◆ **WHAT THE TASK ASKS**
Pull out every line from the listing that has the word "fittings".

··········

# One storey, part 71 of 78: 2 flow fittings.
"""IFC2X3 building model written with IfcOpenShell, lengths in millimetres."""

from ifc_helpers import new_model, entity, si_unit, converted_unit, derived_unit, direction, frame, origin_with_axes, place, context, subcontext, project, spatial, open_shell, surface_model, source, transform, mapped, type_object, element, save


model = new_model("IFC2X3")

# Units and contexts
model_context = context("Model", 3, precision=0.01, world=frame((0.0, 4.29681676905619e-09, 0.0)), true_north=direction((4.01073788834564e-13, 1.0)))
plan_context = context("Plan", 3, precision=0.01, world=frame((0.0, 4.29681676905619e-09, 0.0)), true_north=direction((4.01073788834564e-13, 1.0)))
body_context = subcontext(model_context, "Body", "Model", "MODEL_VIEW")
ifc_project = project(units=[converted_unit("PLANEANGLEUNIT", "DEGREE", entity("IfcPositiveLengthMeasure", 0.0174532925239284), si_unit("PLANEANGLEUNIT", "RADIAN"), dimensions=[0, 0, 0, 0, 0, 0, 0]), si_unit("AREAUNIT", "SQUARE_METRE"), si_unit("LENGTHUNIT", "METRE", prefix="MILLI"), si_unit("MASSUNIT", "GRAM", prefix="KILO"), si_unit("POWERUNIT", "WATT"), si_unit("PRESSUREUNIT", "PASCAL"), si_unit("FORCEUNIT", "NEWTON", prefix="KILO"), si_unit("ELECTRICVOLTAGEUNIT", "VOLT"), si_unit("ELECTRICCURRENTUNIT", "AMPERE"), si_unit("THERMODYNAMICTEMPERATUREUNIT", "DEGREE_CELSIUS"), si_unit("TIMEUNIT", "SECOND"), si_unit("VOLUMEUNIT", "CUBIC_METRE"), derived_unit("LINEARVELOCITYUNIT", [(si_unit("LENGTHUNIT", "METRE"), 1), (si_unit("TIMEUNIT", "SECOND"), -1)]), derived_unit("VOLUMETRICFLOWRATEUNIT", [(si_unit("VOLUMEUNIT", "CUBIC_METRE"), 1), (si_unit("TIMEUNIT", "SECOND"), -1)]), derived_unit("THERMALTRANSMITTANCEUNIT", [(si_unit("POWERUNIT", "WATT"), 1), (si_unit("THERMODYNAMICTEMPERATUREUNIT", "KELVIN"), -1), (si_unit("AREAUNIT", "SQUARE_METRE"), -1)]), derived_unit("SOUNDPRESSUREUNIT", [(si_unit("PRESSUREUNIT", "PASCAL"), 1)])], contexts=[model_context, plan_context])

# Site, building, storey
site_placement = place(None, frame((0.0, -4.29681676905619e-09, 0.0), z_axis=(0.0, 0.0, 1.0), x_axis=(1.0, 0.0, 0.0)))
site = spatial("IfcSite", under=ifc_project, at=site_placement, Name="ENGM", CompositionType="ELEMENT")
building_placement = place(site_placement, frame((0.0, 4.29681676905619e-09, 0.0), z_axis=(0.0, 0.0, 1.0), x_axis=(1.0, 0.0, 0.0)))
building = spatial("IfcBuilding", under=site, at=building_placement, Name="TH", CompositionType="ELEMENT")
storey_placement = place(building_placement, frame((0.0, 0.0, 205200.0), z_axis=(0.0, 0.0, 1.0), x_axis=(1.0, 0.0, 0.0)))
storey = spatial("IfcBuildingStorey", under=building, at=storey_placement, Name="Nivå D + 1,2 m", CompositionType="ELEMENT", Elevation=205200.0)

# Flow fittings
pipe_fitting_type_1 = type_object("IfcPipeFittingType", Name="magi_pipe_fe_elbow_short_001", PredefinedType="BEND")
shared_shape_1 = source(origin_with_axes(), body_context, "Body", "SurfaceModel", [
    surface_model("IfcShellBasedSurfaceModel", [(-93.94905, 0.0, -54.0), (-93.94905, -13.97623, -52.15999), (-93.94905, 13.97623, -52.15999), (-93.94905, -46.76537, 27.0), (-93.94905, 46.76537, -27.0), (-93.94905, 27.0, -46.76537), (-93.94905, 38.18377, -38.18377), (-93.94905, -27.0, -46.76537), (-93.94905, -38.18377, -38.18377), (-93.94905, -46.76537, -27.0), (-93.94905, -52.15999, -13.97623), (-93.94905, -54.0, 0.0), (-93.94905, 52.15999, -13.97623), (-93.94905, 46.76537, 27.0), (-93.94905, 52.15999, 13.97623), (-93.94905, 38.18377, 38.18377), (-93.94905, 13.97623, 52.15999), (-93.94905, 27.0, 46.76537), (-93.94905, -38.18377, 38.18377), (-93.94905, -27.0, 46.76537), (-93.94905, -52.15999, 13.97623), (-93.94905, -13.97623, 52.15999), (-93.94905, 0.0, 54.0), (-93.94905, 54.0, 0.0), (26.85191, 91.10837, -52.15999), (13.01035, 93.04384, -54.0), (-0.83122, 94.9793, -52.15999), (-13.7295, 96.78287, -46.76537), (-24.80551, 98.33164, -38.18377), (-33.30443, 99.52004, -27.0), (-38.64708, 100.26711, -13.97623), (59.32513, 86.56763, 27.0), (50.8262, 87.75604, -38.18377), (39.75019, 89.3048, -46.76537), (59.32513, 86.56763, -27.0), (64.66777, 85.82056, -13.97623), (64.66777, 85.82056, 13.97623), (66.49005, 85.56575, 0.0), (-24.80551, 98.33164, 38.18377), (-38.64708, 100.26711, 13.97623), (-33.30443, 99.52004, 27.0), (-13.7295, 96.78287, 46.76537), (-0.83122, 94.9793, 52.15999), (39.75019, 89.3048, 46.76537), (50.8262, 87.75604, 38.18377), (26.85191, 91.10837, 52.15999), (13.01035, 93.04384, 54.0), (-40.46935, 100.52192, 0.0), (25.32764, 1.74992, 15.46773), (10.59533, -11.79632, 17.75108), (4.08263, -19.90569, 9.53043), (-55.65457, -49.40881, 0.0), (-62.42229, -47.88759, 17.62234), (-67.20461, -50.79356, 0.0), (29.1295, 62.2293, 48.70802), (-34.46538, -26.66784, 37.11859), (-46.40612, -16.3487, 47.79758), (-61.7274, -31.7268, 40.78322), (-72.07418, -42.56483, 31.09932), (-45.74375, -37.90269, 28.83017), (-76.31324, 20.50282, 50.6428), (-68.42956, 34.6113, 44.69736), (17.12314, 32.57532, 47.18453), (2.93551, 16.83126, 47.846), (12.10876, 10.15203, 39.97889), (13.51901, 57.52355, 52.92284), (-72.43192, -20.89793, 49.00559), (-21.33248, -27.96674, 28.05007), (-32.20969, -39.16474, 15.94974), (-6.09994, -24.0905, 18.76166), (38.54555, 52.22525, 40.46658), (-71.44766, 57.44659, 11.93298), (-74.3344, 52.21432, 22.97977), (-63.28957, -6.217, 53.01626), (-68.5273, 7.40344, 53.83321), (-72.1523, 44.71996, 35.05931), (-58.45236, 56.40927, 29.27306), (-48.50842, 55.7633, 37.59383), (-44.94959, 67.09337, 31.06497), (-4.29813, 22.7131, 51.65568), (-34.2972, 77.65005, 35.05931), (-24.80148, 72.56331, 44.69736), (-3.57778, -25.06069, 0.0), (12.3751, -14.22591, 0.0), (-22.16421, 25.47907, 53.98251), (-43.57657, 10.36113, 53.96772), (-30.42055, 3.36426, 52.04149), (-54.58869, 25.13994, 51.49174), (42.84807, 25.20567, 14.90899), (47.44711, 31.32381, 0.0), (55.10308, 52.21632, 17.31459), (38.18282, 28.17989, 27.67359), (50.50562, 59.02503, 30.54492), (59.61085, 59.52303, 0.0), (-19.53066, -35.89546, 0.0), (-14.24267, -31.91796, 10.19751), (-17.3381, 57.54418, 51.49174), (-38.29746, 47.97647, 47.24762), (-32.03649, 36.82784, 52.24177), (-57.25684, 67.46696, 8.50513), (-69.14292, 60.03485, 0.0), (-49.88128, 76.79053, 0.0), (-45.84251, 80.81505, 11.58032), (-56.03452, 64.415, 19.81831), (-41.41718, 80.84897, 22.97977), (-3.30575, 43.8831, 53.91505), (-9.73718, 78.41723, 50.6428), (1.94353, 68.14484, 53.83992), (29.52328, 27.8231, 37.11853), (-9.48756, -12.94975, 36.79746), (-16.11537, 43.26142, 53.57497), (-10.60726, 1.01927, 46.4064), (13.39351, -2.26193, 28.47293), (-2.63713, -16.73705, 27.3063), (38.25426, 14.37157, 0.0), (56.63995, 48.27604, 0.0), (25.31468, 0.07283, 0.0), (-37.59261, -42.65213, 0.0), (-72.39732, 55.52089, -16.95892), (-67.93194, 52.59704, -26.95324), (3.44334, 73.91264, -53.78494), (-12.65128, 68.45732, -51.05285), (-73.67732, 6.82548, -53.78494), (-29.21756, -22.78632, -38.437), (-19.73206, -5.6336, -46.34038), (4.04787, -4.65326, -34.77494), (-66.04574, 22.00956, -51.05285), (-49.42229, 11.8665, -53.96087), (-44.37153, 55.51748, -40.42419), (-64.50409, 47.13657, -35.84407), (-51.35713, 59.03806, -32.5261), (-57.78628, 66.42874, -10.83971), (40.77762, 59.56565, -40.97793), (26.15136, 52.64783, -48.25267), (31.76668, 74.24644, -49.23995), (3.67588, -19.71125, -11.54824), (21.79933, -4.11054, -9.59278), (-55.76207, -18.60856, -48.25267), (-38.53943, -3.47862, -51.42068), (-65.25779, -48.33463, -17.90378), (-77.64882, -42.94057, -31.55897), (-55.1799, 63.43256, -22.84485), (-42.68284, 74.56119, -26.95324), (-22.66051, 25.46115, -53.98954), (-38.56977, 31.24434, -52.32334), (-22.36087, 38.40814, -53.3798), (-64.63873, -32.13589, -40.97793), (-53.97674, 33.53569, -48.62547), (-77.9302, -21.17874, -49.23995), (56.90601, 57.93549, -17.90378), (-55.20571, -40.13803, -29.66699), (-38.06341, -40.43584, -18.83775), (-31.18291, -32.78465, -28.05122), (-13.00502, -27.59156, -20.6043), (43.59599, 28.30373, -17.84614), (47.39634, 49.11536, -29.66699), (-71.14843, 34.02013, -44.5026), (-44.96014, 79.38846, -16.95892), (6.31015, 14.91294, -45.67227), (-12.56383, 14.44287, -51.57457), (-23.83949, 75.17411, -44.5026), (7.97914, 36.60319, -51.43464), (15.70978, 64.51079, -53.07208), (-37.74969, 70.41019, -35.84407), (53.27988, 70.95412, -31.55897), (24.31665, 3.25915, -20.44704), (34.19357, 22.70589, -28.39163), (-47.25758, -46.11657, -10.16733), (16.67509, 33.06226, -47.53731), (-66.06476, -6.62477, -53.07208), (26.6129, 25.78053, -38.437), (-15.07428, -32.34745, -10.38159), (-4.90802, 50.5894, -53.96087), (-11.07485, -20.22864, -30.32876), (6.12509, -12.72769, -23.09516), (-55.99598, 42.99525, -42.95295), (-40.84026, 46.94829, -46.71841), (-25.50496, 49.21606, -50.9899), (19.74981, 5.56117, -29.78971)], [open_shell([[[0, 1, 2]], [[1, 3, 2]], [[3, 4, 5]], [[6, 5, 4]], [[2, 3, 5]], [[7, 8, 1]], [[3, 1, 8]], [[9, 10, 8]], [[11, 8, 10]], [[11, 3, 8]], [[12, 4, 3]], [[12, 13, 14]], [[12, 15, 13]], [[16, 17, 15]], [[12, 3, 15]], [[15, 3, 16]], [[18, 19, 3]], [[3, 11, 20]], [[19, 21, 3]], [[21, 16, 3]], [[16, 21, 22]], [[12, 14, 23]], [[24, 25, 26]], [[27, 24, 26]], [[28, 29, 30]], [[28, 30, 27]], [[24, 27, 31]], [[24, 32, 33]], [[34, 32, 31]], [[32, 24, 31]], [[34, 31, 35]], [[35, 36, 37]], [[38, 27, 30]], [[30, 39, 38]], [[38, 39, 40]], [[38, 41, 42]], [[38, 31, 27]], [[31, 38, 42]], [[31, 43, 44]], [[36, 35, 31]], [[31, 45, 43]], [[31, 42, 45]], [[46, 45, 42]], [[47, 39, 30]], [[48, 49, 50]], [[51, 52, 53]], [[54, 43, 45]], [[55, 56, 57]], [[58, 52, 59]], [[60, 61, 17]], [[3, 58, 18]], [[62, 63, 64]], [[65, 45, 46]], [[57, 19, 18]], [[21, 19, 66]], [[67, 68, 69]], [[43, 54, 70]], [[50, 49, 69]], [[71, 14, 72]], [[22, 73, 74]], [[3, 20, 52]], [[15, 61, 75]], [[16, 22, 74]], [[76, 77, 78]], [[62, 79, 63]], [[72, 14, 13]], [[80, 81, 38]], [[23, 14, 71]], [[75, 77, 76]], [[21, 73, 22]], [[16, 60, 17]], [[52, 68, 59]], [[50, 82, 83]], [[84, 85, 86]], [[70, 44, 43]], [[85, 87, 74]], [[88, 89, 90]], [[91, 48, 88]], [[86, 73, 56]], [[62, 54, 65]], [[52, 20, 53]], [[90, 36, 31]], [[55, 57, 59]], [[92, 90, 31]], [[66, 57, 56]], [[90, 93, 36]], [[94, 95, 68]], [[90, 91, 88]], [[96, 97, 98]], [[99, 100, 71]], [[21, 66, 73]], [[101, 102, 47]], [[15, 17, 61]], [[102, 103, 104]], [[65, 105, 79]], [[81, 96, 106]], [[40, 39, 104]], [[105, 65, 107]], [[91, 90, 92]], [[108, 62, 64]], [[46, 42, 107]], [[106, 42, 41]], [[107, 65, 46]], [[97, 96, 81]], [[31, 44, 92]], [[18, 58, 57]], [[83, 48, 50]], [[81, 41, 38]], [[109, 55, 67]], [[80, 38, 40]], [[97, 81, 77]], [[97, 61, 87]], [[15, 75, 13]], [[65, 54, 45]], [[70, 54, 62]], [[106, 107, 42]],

··········

◆ **WRITTEN ANSWER**
# One storey, part 71 of 78: 2 flow fittings.
# Flow fittings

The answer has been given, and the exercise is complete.